§ **Work instruction**: Please transcribe, word for word, the line containing "arc (20.852, -30.712)" and every line after it through the end of the records below, and nothing else.

§ **Source data**:
▼▼▼
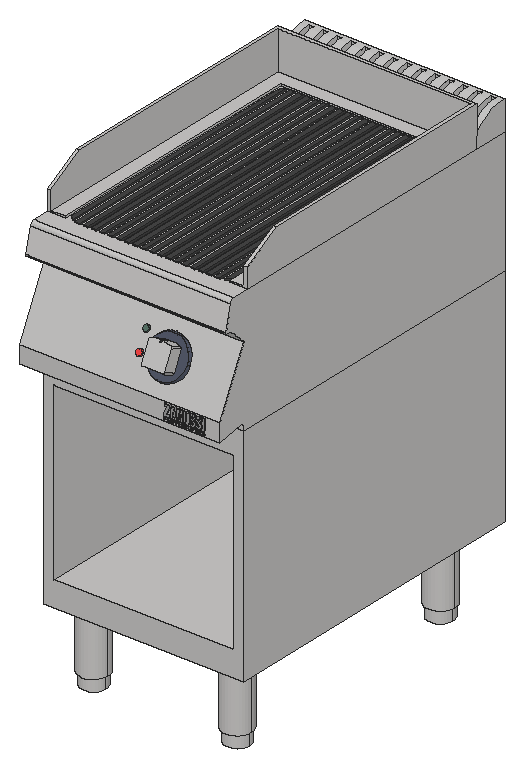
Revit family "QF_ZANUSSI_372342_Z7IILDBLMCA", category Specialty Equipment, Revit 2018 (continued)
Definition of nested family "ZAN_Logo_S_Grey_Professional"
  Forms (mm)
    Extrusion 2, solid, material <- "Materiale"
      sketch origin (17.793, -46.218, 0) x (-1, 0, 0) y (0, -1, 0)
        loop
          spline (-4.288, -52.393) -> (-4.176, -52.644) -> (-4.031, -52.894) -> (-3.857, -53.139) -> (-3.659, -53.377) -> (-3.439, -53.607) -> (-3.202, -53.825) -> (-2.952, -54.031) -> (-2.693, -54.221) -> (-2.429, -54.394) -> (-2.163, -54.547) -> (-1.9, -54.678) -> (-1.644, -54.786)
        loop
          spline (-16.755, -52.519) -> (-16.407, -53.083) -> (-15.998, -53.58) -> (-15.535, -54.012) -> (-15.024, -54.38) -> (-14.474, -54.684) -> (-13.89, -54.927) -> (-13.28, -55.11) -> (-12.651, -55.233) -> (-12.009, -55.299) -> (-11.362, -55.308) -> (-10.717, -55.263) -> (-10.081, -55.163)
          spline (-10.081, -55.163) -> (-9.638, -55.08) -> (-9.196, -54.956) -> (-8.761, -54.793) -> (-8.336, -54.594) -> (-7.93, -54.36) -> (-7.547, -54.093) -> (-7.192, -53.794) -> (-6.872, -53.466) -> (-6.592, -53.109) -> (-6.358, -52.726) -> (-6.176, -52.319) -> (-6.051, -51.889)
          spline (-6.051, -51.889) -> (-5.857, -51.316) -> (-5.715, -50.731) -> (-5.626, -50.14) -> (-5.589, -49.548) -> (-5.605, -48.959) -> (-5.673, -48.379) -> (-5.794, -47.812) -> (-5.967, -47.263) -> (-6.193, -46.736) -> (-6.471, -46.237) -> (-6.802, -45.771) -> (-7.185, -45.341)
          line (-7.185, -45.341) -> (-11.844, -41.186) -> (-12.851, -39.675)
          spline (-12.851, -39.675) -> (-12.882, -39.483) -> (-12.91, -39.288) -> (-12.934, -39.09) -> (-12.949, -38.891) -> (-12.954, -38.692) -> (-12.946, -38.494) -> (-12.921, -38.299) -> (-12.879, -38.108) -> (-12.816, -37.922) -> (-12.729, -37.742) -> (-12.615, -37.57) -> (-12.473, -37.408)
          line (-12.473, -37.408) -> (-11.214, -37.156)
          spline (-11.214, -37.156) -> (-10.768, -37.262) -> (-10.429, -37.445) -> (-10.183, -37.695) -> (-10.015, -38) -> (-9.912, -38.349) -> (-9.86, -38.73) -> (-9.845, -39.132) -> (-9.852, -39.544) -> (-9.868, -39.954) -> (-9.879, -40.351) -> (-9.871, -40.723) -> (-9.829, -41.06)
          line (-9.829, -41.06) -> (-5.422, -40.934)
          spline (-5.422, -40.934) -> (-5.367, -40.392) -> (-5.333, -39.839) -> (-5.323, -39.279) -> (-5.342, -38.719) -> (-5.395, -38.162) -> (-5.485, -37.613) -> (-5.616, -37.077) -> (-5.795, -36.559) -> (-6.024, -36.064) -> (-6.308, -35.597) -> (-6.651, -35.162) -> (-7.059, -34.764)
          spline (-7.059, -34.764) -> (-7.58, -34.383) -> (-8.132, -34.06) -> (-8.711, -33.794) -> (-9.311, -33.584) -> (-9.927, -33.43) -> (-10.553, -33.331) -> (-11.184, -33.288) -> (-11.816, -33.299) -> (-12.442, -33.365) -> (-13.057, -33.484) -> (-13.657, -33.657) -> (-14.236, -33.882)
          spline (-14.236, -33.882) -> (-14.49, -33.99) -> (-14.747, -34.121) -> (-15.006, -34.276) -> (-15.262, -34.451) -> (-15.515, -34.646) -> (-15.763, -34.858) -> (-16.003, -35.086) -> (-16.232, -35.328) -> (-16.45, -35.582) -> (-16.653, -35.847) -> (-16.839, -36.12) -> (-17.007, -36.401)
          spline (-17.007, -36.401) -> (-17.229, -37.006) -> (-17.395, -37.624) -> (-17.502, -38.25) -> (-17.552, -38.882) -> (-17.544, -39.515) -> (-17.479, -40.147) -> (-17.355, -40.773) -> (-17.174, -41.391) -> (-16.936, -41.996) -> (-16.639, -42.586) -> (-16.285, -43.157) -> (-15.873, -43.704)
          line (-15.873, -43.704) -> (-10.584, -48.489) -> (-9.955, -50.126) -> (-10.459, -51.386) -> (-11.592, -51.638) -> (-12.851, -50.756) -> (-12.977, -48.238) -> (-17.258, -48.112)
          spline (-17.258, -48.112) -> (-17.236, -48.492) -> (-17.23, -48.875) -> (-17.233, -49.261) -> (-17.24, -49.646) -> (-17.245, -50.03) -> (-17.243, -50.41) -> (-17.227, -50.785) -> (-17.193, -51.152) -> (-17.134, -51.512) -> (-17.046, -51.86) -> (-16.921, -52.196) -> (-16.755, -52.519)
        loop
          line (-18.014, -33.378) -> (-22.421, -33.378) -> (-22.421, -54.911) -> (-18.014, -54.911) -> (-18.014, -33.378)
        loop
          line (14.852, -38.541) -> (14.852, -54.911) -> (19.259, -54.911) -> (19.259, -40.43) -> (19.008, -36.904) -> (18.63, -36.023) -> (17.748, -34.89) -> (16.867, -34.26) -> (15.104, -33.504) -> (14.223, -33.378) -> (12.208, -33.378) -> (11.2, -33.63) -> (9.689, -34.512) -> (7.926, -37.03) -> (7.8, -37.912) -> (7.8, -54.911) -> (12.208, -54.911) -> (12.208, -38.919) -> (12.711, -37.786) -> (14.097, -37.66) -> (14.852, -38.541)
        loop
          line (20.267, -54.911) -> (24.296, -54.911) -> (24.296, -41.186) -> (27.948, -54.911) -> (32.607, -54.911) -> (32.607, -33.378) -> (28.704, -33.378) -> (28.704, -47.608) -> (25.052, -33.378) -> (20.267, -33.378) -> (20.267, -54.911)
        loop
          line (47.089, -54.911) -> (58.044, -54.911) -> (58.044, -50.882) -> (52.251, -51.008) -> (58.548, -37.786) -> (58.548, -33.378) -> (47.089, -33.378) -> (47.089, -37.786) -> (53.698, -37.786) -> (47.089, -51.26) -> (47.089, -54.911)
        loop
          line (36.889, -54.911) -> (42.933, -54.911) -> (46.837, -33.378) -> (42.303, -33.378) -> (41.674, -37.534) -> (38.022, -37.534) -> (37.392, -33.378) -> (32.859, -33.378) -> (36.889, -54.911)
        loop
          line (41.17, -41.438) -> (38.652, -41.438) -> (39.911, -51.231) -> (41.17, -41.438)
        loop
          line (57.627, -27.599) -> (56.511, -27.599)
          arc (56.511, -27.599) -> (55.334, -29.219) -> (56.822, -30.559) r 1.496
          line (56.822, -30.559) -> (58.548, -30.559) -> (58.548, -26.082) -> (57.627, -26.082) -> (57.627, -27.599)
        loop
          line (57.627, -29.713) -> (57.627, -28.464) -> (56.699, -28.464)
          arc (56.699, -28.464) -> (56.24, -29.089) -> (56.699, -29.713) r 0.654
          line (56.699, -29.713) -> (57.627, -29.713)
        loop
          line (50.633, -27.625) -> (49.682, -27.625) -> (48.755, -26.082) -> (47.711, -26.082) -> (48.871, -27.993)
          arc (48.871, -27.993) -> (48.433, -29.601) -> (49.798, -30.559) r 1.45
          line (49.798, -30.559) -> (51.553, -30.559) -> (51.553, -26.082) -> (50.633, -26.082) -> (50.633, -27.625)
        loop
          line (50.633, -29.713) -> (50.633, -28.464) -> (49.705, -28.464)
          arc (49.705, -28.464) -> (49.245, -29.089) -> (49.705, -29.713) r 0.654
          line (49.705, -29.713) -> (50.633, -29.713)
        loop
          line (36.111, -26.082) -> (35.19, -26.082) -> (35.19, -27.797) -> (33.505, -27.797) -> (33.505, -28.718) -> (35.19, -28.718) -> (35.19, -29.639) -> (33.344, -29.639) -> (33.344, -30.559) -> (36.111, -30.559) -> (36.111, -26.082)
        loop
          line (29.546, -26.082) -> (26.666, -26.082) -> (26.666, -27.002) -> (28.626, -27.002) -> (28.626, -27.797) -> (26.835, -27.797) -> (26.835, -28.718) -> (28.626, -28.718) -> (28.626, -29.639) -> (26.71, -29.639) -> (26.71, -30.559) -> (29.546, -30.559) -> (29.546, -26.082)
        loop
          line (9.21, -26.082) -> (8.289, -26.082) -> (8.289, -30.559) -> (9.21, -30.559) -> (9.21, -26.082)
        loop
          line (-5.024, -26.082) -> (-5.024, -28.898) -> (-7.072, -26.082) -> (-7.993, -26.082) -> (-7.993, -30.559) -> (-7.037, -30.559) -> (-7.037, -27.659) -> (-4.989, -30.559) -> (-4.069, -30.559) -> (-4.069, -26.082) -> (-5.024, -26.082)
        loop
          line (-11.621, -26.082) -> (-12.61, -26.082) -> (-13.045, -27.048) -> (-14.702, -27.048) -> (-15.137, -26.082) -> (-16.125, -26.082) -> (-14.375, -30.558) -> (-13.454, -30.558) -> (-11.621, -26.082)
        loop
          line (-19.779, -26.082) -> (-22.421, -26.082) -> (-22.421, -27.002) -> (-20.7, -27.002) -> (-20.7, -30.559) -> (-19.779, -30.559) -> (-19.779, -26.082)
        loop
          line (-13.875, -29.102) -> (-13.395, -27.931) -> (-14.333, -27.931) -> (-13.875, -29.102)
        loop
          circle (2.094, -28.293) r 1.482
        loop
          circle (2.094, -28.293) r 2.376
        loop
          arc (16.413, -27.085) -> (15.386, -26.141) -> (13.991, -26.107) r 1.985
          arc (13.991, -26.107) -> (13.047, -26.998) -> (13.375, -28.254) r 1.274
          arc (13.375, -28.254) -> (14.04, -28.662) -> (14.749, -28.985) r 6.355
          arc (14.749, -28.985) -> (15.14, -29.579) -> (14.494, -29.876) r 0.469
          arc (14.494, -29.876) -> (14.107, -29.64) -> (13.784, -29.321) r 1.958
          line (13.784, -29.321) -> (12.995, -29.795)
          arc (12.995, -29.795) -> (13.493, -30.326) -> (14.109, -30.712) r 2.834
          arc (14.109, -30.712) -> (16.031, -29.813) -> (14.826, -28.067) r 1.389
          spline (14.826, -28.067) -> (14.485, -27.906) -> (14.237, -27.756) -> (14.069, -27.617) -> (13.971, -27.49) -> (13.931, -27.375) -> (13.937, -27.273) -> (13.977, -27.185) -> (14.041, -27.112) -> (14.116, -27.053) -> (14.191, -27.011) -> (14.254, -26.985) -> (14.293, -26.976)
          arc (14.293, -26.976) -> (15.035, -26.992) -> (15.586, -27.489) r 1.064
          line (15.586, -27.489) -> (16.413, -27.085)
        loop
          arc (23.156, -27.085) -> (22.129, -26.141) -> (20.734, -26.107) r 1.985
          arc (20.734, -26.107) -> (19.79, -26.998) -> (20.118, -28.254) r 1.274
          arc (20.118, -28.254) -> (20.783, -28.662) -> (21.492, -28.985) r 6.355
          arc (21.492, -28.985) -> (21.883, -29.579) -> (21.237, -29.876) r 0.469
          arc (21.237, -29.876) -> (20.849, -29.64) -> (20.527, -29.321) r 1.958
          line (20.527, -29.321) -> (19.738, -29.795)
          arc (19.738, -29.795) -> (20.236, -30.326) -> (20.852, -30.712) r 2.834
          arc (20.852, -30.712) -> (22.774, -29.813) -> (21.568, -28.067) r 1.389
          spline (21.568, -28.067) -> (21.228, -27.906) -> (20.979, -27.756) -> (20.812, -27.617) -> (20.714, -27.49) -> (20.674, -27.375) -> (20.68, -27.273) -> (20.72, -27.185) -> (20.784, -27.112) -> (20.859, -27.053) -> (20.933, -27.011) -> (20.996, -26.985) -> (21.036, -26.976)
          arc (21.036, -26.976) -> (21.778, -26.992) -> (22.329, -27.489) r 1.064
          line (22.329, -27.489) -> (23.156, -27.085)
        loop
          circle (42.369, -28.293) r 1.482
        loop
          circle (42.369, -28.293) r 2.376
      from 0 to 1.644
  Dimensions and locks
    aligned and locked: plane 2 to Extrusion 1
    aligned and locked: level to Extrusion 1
▲▲▲
§ **Task response**:
          arc (20.852, -30.712) -> (22.774, -29.813) -> (21.568, -28.067) r 1.389
          spline (21.568, -28.067) -> (21.228, -27.906) -> (20.979, -27.756) -> (20.812, -27.617) -> (20.714, -27.49) -> (20.674, -27.375) -> (20.68, -27.273) -> (20.72, -27.185) -> (20.784, -27.112) -> (20.859, -27.053) -> (20.933, -27.011) -> (20.996, -26.985) -> (21.036, -26.976)
          arc (21.036, -26.976) -> (21.778, -26.992) -> (22.329, -27.489) r 1.064
          line (22.329, -27.489) -> (23.156, -27.085)
        loop
          circle (42.369, -28.293) r 1.482
        loop
          circle (42.369, -28.293) r 2.376
      from 0 to 1.644
  Dimensions and locks
    aligned and locked: plane 2 to Extrusion 1
    aligned and locked: level to Extrusion 1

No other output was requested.